::: Source material

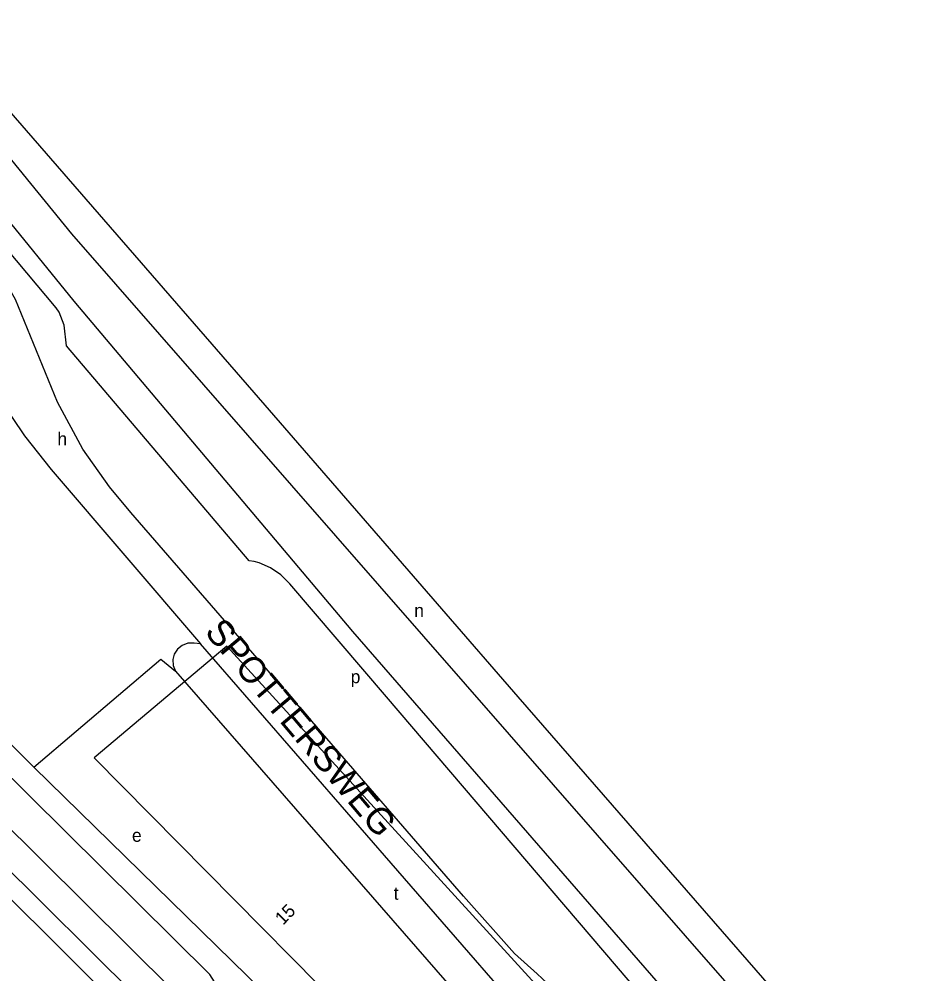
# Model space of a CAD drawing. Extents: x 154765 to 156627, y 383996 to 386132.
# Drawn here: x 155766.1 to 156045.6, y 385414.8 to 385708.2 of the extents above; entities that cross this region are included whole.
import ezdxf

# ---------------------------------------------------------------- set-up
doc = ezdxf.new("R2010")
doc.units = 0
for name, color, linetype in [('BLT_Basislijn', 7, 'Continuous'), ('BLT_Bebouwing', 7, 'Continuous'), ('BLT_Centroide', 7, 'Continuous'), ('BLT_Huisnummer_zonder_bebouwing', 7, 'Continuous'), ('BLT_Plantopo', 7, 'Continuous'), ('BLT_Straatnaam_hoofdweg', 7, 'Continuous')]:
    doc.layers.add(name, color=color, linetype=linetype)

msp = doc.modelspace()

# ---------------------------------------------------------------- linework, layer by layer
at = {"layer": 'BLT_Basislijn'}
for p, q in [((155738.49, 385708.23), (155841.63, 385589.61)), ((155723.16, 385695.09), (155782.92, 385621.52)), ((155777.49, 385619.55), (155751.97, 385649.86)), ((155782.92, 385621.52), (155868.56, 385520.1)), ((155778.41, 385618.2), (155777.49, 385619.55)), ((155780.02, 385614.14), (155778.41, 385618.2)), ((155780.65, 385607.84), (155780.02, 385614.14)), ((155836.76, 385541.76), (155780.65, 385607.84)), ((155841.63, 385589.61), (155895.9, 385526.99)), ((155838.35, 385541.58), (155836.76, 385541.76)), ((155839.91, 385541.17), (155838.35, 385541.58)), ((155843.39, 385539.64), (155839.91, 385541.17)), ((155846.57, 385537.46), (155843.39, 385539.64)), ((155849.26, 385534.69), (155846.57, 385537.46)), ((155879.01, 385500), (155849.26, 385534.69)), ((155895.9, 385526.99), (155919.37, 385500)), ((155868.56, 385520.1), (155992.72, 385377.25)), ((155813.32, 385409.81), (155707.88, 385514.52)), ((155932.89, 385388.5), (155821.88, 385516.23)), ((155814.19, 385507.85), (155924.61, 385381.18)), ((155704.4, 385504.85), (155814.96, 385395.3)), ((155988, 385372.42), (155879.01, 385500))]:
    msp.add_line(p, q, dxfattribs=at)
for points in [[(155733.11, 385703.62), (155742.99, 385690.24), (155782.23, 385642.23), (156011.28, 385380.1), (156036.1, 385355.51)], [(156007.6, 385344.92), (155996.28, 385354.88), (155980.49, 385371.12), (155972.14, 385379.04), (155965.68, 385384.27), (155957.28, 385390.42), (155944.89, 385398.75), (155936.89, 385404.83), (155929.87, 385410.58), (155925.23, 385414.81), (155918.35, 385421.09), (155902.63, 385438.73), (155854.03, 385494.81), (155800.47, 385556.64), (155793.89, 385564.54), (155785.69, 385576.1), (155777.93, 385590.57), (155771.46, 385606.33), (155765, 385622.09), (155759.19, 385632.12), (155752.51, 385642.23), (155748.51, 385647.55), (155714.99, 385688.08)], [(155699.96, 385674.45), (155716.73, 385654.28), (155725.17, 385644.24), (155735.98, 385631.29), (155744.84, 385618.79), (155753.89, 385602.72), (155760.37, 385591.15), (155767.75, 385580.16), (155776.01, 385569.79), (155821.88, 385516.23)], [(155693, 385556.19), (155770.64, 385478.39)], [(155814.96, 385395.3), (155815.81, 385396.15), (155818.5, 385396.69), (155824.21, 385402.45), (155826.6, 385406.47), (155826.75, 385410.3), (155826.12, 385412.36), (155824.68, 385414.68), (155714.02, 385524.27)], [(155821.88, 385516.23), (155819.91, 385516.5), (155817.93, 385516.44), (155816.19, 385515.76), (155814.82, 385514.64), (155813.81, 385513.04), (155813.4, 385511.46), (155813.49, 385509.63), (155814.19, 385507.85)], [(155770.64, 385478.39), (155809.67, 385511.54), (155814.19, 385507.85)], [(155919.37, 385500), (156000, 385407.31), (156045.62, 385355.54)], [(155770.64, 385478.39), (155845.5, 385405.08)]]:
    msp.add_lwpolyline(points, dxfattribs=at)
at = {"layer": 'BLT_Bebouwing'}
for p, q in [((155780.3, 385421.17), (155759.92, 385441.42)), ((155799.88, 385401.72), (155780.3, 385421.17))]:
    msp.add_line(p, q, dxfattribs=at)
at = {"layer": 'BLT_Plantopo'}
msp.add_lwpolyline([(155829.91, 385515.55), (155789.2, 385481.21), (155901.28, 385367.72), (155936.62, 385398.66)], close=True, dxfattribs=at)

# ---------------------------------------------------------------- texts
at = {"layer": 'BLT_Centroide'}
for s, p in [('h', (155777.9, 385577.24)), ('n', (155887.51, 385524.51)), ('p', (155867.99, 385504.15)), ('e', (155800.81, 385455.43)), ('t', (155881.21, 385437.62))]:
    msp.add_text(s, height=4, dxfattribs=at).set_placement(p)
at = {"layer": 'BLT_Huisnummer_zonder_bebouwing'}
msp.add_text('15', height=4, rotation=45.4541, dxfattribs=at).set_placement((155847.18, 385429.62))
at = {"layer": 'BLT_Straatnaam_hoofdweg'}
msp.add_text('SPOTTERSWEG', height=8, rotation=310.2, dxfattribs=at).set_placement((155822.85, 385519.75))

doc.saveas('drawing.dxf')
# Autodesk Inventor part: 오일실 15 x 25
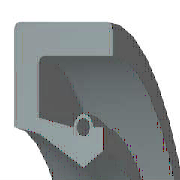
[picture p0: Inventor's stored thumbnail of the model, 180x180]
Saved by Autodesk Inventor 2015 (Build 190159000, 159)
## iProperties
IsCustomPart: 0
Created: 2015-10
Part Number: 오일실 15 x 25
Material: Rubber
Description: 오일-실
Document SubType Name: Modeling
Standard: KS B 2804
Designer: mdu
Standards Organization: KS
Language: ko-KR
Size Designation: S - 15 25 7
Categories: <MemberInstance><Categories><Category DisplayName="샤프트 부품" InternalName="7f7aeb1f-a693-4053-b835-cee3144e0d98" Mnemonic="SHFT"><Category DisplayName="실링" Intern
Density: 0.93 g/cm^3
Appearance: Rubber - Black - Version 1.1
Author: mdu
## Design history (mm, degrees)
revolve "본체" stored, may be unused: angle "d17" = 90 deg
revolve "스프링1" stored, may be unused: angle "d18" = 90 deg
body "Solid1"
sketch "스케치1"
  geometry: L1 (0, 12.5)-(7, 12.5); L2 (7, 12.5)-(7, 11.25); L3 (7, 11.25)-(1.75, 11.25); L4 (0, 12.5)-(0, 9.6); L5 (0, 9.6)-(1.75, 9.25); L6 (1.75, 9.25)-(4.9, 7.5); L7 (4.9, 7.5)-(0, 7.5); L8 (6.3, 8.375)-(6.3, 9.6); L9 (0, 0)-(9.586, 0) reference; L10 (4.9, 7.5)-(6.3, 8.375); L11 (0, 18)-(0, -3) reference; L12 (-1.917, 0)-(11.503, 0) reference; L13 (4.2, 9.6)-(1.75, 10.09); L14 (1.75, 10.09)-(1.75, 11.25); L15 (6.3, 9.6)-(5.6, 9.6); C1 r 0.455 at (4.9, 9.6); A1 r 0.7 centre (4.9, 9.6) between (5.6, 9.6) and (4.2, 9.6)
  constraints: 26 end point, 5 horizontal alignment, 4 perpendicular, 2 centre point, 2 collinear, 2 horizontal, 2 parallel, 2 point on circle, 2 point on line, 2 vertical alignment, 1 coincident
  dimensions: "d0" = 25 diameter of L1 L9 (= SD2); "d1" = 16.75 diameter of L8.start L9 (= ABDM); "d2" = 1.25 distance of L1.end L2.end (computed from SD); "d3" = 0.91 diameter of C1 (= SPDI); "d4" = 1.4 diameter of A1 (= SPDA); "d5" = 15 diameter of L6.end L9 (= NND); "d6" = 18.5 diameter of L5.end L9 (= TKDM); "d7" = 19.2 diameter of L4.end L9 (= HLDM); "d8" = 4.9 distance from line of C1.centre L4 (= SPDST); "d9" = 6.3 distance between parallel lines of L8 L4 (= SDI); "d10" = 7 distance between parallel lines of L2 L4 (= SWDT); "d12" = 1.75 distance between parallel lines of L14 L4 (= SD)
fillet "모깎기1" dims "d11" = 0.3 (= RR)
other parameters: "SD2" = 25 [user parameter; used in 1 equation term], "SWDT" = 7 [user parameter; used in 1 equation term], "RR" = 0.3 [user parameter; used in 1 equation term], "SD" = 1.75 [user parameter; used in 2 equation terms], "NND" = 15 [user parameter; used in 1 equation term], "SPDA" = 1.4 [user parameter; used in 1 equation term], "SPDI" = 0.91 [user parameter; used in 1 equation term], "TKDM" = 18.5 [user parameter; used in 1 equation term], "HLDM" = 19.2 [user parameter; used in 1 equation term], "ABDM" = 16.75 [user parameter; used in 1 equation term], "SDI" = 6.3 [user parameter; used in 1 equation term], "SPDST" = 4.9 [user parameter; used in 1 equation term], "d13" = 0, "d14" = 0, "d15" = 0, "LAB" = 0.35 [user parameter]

::::::

Exercise ▸ Check each line of the records above for the string "TKDM", and report every line that has it.

Result for this exercise ▸
  dimensions: "d0" = 25 diameter of L1 L9 (= SD2); "d1" = 16.75 diameter of L8.start L9 (= ABDM); "d2" = 1.25 distance of L1.end L2.end (computed from SD); "d3" = 0.91 diameter of C1 (= SPDI); "d4" = 1.4 diameter of A1 (= SPDA); "d5" = 15 diameter of L6.end L9 (= NND); "d6" = 18.5 diameter of L5.end L9 (= TKDM); "d7" = 19.2 diameter of L4.end L9 (= HLDM); "d8" = 4.9 distance from line of C1.centre L4 (= SPDST); "d9" = 6.3 distance between parallel lines of L8 L4 (= SDI); "d10" = 7 distance between parallel lines of L2 L4 (= SWDT); "d12" = 1.75 distance between parallel lines of L14 L4 (= SD)
other parameters: "SD2" = 25 [user parameter; used in 1 equation term], "SWDT" = 7 [user parameter; used in 1 equation term], "RR" = 0.3 [user parameter; used in 1 equation term], "SD" = 1.75 [user parameter; used in 2 equation terms], "NND" = 15 [user parameter; used in 1 equation term], "SPDA" = 1.4 [user parameter; used in 1 equation term], "SPDI" = 0.91 [user parameter; used in 1 equation term], "TKDM" = 18.5 [user parameter; used in 1 equation term], "HLDM" = 19.2 [user parameter; used in 1 equation term], "ABDM" = 16.75 [user parameter; used in 1 equation term], "SDI" = 6.3 [user parameter; used in 1 equation term], "SPDST" = 4.9 [user parameter; used in 1 equation term], "d13" = 0, "d14" = 0, "d15" = 0, "LAB" = 0.35 [user parameter]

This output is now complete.